According to a story published in the Milwaukee Journal Sentinel last fall, some 2,300 kits were not tested as of 2023 for various reasons ranging from missing police reports or the case already having charges filed, to the victim not initially consenting to testing.
Meanwhile, Susan Crawford’s campaign claimed there was a lag in testing rape kits under Schimel because of a lack of resources to do so, criticizing the state’s former top cop for pursuing grants instead of asking for funding directly from the Legislature.
“While Brad Schimel dragged his feet, rapists roamed the street. Schimel only tested nine rape kits in two years, out of a backlog of more than 6,000, causing justice to be delayed. Now Schimel is running scared, and like a true politician, he’s trying to rewrite history. Schimel wanted a ‘bargain price’ to test the kits, causing obscene delays, and even as the Republican Waukesha DA, he let dozens of kits sit untested, including for a three-year-old victim,” Crawford Campaign spokesman Derrick Honeyman said to Spectrum News in a statement.
“It’s disgusting and despicable that Brad Schimel is trying to rewrite history.
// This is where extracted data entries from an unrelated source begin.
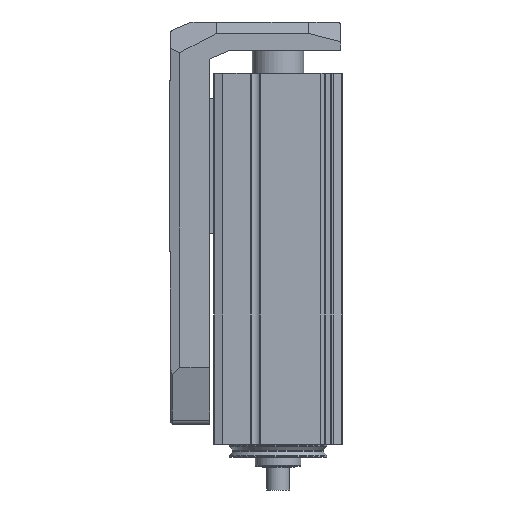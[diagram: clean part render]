
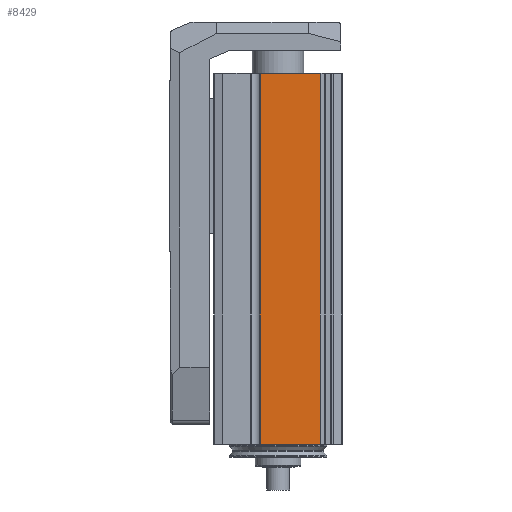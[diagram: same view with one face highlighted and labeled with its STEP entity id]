
A CAD part, left-side view. The second image highlights one B-rep face of the part: STEP entity #8429.
In plain terms, the highlighted planar face has unit normal (-1, 0, 0) as drawn and (0, 0, 1) by its records, which use the part's own axes.
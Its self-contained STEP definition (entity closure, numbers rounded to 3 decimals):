
#773=LINE('',#13561,#1303);
#789=LINE('',#13607,#1319);
#790=LINE('',#13611,#1320);
#791=LINE('',#13613,#1321);
#1303=VECTOR('',#10859,1000.);
#1319=VECTOR('',#10905,1000.);
#1320=VECTOR('',#10910,1000.);
#1321=VECTOR('',#10911,1000.);
#2647=ORIENTED_EDGE('',*,*,#4217,.T.);
#2648=ORIENTED_EDGE('',*,*,#4242,.F.);
#2649=ORIENTED_EDGE('',*,*,#4243,.F.);
#2650=ORIENTED_EDGE('',*,*,#4240,.T.);
#4217=EDGE_CURVE('',#5077,#5076,#773,.T.);
#4240=EDGE_CURVE('',#5092,#5077,#789,.T.);
#4242=EDGE_CURVE('',#5093,#5076,#790,.T.);
#4243=EDGE_CURVE('',#5092,#5093,#791,.T.);
#5076=VERTEX_POINT('',#13560);
#5077=VERTEX_POINT('',#13562);
#5092=VERTEX_POINT('',#13608);
#5093=VERTEX_POINT('',#13612);
#6009=EDGE_LOOP('',(#2647,#2648,#2649,#2650));
#6621=FACE_BOUND('',#6009,.T.);
#6947=PLANE('',#9134);
#8429=ADVANCED_FACE('',(#6621),#6947,.F.);
#9134=AXIS2_PLACEMENT_3D('',#13610,#10908,#10909);
#10859=DIRECTION('',(0.,-1.,0.));
#10905=DIRECTION('',(-1.,0.,0.));
#10908=DIRECTION('',(0.,0.,-1.));
#10909=DIRECTION('',(-1.,0.,0.));
#10910=DIRECTION('',(-1.,0.,0.));
#10911=DIRECTION('',(0.,-1.,0.));
#13560=CARTESIAN_POINT('',(0.,-6.3,22.5));
#13561=CARTESIAN_POINT('',(0.,14.82,22.5));
#13562=CARTESIAN_POINT('',(0.,14.82,22.5));
#13607=CARTESIAN_POINT('',(130.,14.82,22.5));
#13608=CARTESIAN_POINT('',(130.,14.82,22.5));
#13610=CARTESIAN_POINT('',(130.,14.82,22.5));
#13611=CARTESIAN_POINT('',(130.,-6.3,22.5));
#13612=CARTESIAN_POINT('',(130.,-6.3,22.5));
#13613=CARTESIAN_POINT('',(130.,14.82,22.5));

But in his single term as Attorney General, Schimel failed countless victims of sexual assault. Schimel doesn’t deserve a decade-long term on the Supreme Court, and Wisconsinites will reject his record of shadiness and deception once again,” Honeyman added.
“When I came to the Department of Justice, the budget was already submitted,” Schimel responded when reporters asked about the criticism. “There was no ability for me in January of 2015 to move into the budget, some extra money to hire all these analysts. And as I explained, that’s not the right answer anyway because hiring analysts, by the time we had gotten them hired and trained, we would have been over a year into the process as it is.”
With the election slated for April 1, chances are you will see many more ads from both campaigns. Wisconsin’s last Supreme Court race in 2023 broke records as the most expensive judicial race in U.S. history.